Jak zachowuje się człowiek zniewolony? Jak walczy o swoją godność i jak określa granice swej wolności? To tylko niektóre pytania, które w swej animacji stawiał Mirosław Kijowicz. Ilustrowane muzyką Krzysztofa Komedy "Klatki" to opowieść o relacji między więźniem i jego strażnikiem i jeden z najważniejszych polskich filmów animowanych lat 60-tych.
"Koń", reż. Witold Giersz, 1967 r.
Kolejnym, obok "Czerwonego i czarnego" i "Małego westernu" wielkim osiągnięciem Giersza był "Koń". Film zrealizowany techniką olejną opowiada o zmaganiach człowieka z naturą, której symbolem jest piękny rumak. Film zdobył liczne nagrody na festiwalach w tym Złotego Lajkonika na Krakowskim Festiwalu Filmowym w 1967 roku.
"Schody", reż. Stefan Schabenbeck, 1968 r.
Wśród polskich twórców animacji lat 60-tych Stefan Schabenbeck należał do twórców najciekawszych, ale też najbardziej wymagających. "Schody" były jednym z jego największych osiągnięć - w tej formalnie prostej opowiastce Schabenbeck mówił o życiu jako żmudnej wędrówce, która sama w sobie okazuje się celem.

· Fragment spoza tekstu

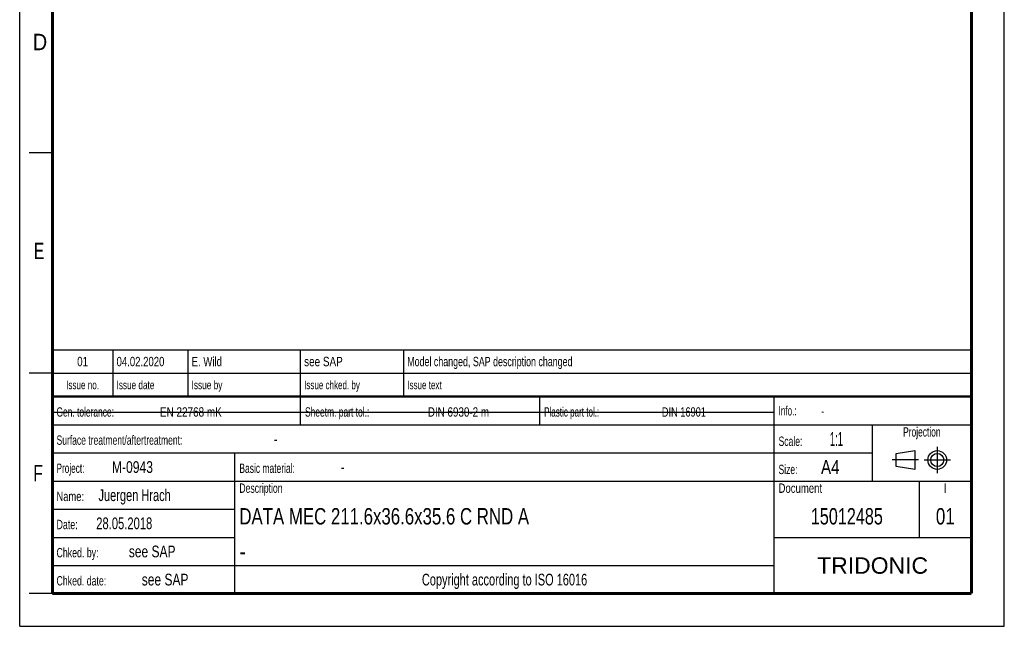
# Model space of a CAD drawing. Header units: millimetres. Extents: x 0 to 210, y 0 to 297.
# Tile 1 of 7: x 0 to 210, y 0 to 129. Entities that reach past the tile are written whole.
import ezdxf
from ezdxf.enums import TextEntityAlignment as Align

# ---------------------------------------------------------------- set-up
doc = ezdxf.new("R2010")
doc.units = ezdxf.units.MM
doc.header["$LTSCALE"] = 19.36
doc.linetypes.add('CENTER', pattern=[0.6, 0.375, -0.075, 0.075, -0.075])
doc.layers.get('0').update_dxf_attribs({"linetype": 'CONTINUOUS'})
doc.layers.add('DEFAULT_1', color=7, linetype='CENTER')
doc.layers.add('Z_NOTICE', color=7, linetype='CONTINUOUS')
doc.styles.get("Standard").update_dxf_attribs({"font": 'txt', "width": 0.7})
doc.styles.add('TEXTSTYLE_2', font='txt', dxfattribs={"width": 0.75})
doc.styles.add('TEXTSTYLE_4', font='arial.ttf')

# ---------------------------------------------------------------- blocks, each defined once
blk = doc.blocks.new('PROJEKTIONSMETHODE_BL0', base_point=(192.31, 35.47))
at = {"color": 2, "linetype": 'CONTINUOUS'}
for p, q in [((186.91, 36.87), (190.91, 37.47)), ((186.91, 34.07), (186.91, 36.87)), ((190.91, 37.47), (190.91, 33.47)), ((190.91, 33.47), (186.91, 34.07))]:
    blk.add_line(p, q, dxfattribs=at)
for radius in [2, 1.4]:
    blk.add_circle((195.71, 35.47), radius, dxfattribs=at)
at = {"layer": 'DEFAULT_1', "color": 2, "linetype": 'CENTER'}
for p, q in [((195.71, 38.27), (195.71, 32.67)), ((191.71, 35.47), (186.11, 35.47)), ((192.91, 35.47), (198.5, 35.47))]:
    blk.add_line(p, q, dxfattribs=at)

msp = doc.modelspace()

# ---------------------------------------------------------------- linework, layer by layer
at = {"color": 2, "linetype": 'CONTINUOUS'}
for p, q in [((0, 0), (0, 297)), ((210, 0), (210, 297)), ((7, 101), (2, 101)), ((6.913619, 48.960154), (6.913619, 58.960154)), ((6.913619, 58.960154), (202.913619, 58.960154)), ((19.913619, 48.960154), (19.913619, 58.960154)), ((35.913619, 48.960154), (35.913619, 58.960154)), ((59.913619, 48.960154), (59.913619, 58.960154)), ((81.913619, 48.960154), (81.913619, 58.960154)), ((202.913619, 48.960154), (202.913619, 58.960154)), ((7, 54), (2, 54)), ((6.913619, 53.960154), (202.913619, 53.960154)), ((6.913546, 6.960131), (6.913546, 48.960131)), ((6.913546, 48.960131), (202.913546, 48.960131)), ((6.913619, 48.960154), (202.913619, 48.960154)), ((59.913546, 42.960131), (59.913546, 48.960131)), ((110.913546, 42.960131), (110.913546, 48.960131)), ((160.913546, 6.960131), (160.913546, 48.960131)), ((202.913546, 6.960131), (202.913546, 48.960131)), ((6.913546, 42.960131), (202.913546, 42.960131)), ((181.913546, 30.960131), (181.913546, 42.960131)), ((6.913546, 36.960131), (181.913546, 36.960131)), ((45.913546, 6.960131), (45.913546, 36.960131)), ((6.913546, 30.960131), (202.913546, 30.960131)), ((191.913546, 18.960131), (191.913546, 30.960131)), ((6.913546, 24.960131), (45.913546, 24.960131)), ((6.913546, 18.960131), (45.913546, 18.960131)), ((160.913546, 18.960131), (202.913546, 18.960131)), ((6.913546, 12.960131), (160.913546, 12.960131)), ((7, 7), (2, 7)), ((6.913546, 6.960131), (202.913546, 6.960131)), ((0, 0), (210, 0))]:
    msp.add_line(p, q, dxfattribs=at)
at = {"color": 7, "linetype": 'CONTINUOUS'}
msp.add_line((6.94873, 45.692725), (160.74873, 45.692725), dxfattribs=at)
for points, const_width in [([(7, 7), (7, 290)], 0.7), ([(203, 7), (203, 290)], 0.7), ([(7, 49), (203, 49)], 0.5), ([(7, 7), (203, 7)], 0.7)]:
    msp.add_lwpolyline(points, dxfattribs=dict(at, const_width=const_width))

# ---------------------------------------------------------------- block references
at = {"color": 2, "linetype": 'CONTINUOUS'}
msp.add_blockref('PROJEKTIONSMETHODE_BL0', (192.305085, 35.469747), dxfattribs=at)

# ---------------------------------------------------------------- texts
at = {"color": 5, "linetype": 'CONTINUOUS', "style": 'TEXTSTYLE_2'}
for s, width, p in [('D', 0.904762, (2.807294, 122.85717)), ('E', 0.714286, (3.002453, 78.302471)), ('F', 0.714286, (2.922192, 30.897042))]:
    msp.add_text(s, height=3.5, dxfattribs=dict(at, width=width)).set_placement(p)
at = {"layer": 'Z_NOTICE', "color": 5, "linetype": 'CONTINUOUS', "style": 'TEXTSTYLE_2'}
for s, height, width, p in [('01', 2, 0.77381, (13.413619, 55.460154)), ('Issue no.', 1.8, 0.719577, (13.413619, 50.560154)), ('Projection', 2, 0.671429, (192.413546, 40.460131)), ('I', 2, 0.833333, (197.413546, 28.460131)), ('Copyright according to ISO 16016', 2.5, 0.700149, (103.413546, 8.710131))]:
    msp.add_text(s, height=height, dxfattribs=dict(at, width=width)).set_placement(p, align=Align.CENTER)
for s, height, width, p in [('04.02.2020', 2, 0.761905, (20.663619, 55.460154)), ('E. Wild', 2, 0.765306, (36.663619, 55.460154)), ('see SAP', 2, 0.792517, (60.663619, 55.460154)), ('Model changed, SAP description changed', 2, 0.707393, (82.663619, 55.460154)), ('Issue date ', 1.8, 0.725108, (20.663619, 50.560154)), ('Issue by ', 1.8, 0.732804, (36.663619, 50.560154)), ('Issue chked. by', 1.8, 0.711111, (60.663619, 50.560154)), ('Issue text ', 1.8, 0.712121, (82.663619, 50.560154)), ('Gen. tolerance:', 2, 0.669841, (7.851046, 44.710131)), ('EN 22768 mK', 2, 0.792208, (29.91057, 44.710131)), ('Sheetm. part tol.:', 2, 0.67328, (60.851046, 44.710131)), ('DIN 6930-2 m', 2, 0.78373, (87.053427, 44.710131)), ('Plastic part tol.:', 2, 0.642857, (111.851046, 44.710131)), ('DIN 16901', 2, 0.73545, (136.958189, 44.710131)), ('Info.: ', 2, 0.64966, (161.851046, 44.960131)), ('Surface treatment/aftertreatment: ', 2, 0.681373, (7.851046, 38.710131)), ('Scale:  ', 2, 0.684524, (161.851046, 38.460131)), ('1:1', 3, 0.5, (172.803427, 38.460131)), ('-', 2.5, 0.714286, (54.184379, 38.710131)), ('Project: ', 2, 0.656085, (7.851046, 32.710131)), ('M-0943', 2.5, 0.77381, (19.66057, 32.710131)), ('Basic material: ', 2, 0.675595, (46.851046, 32.710131)), ('-', 2.5, 0.714286, (68.470094, 32.710131)), ('Size: ', 2, 0.678571, (161.851046, 32.460131)), (' A4', 3, 0.809524, (169.993903, 32.460131)), ('Juergen Hrach', 2.5, 0.703297, (16.803427, 26.710131)), ('Description', 2, 0.688312, (46.851046, 28.460131)), ('Document', 2, 0.761905, (161.851046, 28.460131)), ('Name: ', 2, 0.746032, (7.851046, 26.710131)), ('28.05.2018', 2.5, 0.714286, (16.327237, 20.710131)), ('Date: ', 2, 0.706349, (7.851046, 20.710131)), ('Chked. by: ', 2, 0.701299, (7.851046, 14.710131)), ('see SAP', 2.5, 0.765306, (23.279618, 14.710131)), ('Chked. date: ', 2, 0.699634, (7.851046, 8.710131)), ('see SAP', 2.5, 0.765306, (26.041522, 8.710131))]:
    msp.add_text(s, height=height, dxfattribs=dict(at, width=width)).set_placement(p)
at = {"layer": 'Z_NOTICE', "color": 5, "linetype": 'CONTINUOUS', "width": 0.714286}
msp.add_text('-', height=1.8, dxfattribs=at).set_placement((170.946284, 44.960131))
at = {"layer": 'Z_NOTICE', "color": 7, "linetype": 'CONTINUOUS', "style": 'TEXTSTYLE_2'}
for s, width, p in [('DATA MEC 211.6x36.6x35.6 C RND A', 0.766369, (46.851046, 21.710131)), ('-', 0.904762, (46.851046, 14.210131))]:
    msp.add_text(s, height=3.5, dxfattribs=dict(at, width=width)).set_placement(p)
for s, width, p in [('15012485', 0.738095, (176.413546, 21.710131)), ('01', 0.77381, (197.413546, 21.710131))]:
    msp.add_text(s, height=3.5, dxfattribs=dict(at, width=width)).set_placement(p, align=Align.CENTER)
at = {"layer": 'Z_NOTICE', "color": 5, "linetype": 'CONTINUOUS', "style": 'TEXTSTYLE_4'}
msp.add_text('TRIDONIC', height=3.5, dxfattribs=at).set_placement((181.913546, 11.210131), align=Align.CENTER)

doc.saveas('drawing.dxf')

"Syn", reż. Ryszard Czekała, 1970 r.
Jeden z najpiękniejszych polskich filmów animowanych. Wycinankowa miniatura Czekały opowiada o mężczyźnie, który przyjeżdża z wizytą do rodziców mieszkających na wsi. Reżyser "Syna" opowiadał tu o nieodwzajemnionej miłości i o tęsknocie.
"Podróż", reż. Daniel Szczechura, 1970 r.
"To jest świadomie film-prowokacja. Nic się nie dzieje, ale kto wytrzyma pierwsze kilka minut i ulegnie pewnej hipnozie, może być usatysfakcjonowany. To mój najbardziej kontrowersyjny film" - mówił Daniel Szczechura o swym filmie. W "Podróży" zrywał z obowiązującymi narracyjnymi schematami, wyznaczając nowe kierunki rozwoju filmu animowanego.
"Apel", Ryszard Czekała, 1970 r.
"Apel" to utrzymana w stylistyce grafiki czarno-biała animacja Ryszarda Czekały to poruszająca opowieść o rzeczywistości hitlerowskich obozów koncentracyjnych. Historia o władzy i opresji przyniosła Czekale m.in. Grand Prix na festiwalu w Annecy.
"Bankiet", reż. Zofia Oraczewska, 1976 r.
Humorystyczno-metaforyczna opowieść o społeczeństwie konsumpcyjnym. Na tytułowy bankiet przychodzą kolejni goście, by zjeść dania z bogato zastawionego stołu. Wkrótce czeka na nich makabryczna niespodzianka. Przewrotny film Zofii Oraczewskiej zdobył nagrody na festiwalach w Melbourne i Chicago.
"Ostry film zaangażowany", reż. Julian Józef Antoniszczak, 1979 r.
Non-camerowa animacja Juliana Antoniszczaka (Antonisza) to jedno z czołowych osiągnięć tego krakowskiego artysty. Pełen absurdu "Ostry film..." był pastiszem telewizyjnego reportażu i ironicznym komentarzem do rzeczywistości PRL-u.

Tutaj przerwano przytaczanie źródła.